As per the study conducted, it is believed that all of these factors (temperature, pH, orientation, dry ice vs. LN2) play a role in the quality of biomarker and/or clinical samples and may not only impact the quality of the data generated for evaluation of more than 64,900 studies active as of the time of this submission, but will also impact release of pharmaceutical drug substance, drug product, and final dosage products which all rely on analytical assays for verifying product quality and performance.

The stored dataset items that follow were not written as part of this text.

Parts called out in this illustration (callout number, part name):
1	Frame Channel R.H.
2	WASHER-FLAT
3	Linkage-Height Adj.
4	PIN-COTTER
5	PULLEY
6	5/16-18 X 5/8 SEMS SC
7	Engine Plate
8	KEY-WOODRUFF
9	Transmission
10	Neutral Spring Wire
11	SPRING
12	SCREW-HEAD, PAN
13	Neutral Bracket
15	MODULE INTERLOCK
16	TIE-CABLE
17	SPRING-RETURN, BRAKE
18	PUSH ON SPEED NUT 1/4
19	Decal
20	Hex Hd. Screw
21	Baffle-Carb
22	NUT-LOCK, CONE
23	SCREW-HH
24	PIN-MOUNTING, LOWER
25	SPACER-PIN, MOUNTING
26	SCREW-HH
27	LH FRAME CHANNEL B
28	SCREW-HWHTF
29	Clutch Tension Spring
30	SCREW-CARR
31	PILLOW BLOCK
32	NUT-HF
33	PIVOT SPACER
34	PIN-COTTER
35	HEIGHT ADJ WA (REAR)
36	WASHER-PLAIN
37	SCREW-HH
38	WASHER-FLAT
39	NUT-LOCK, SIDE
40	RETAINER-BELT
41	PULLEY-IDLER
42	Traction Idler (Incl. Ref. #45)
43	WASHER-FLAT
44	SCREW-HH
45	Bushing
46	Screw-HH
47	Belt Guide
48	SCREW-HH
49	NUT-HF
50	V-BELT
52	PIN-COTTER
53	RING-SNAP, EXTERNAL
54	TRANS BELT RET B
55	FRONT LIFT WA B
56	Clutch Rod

Our study makes clear that packaging and logistics decisions directly impact sample quality and bioanalytical assay performance. Based on the early results we have observed, shipping biomarker samples at cryogenic temperatures does in fact reduce thermal variability, eliminates the risk of pH shifts, and improves overall assay performance in the biomarker panel tested. It is important to note that for all biomarkers tested the mean recovery rate and %CV of the samples shipped cryogenically were comparable to control, indicating that shipping biomarker samples cryogenically is safe for all biomarker samples, and for 30%, is critical for optimal recovery and assay performance.
We encourage the industry to take a step back and critically evaluate whether or not clinical efficacy, as well as bioanalytical or manufacturing issues may in fact be due to logistics choices. It is time for a wide-ranging industry wide assessment on the most appropriate logistics methodology and standards for maintaining appropriate sample integrity, activity, and performance.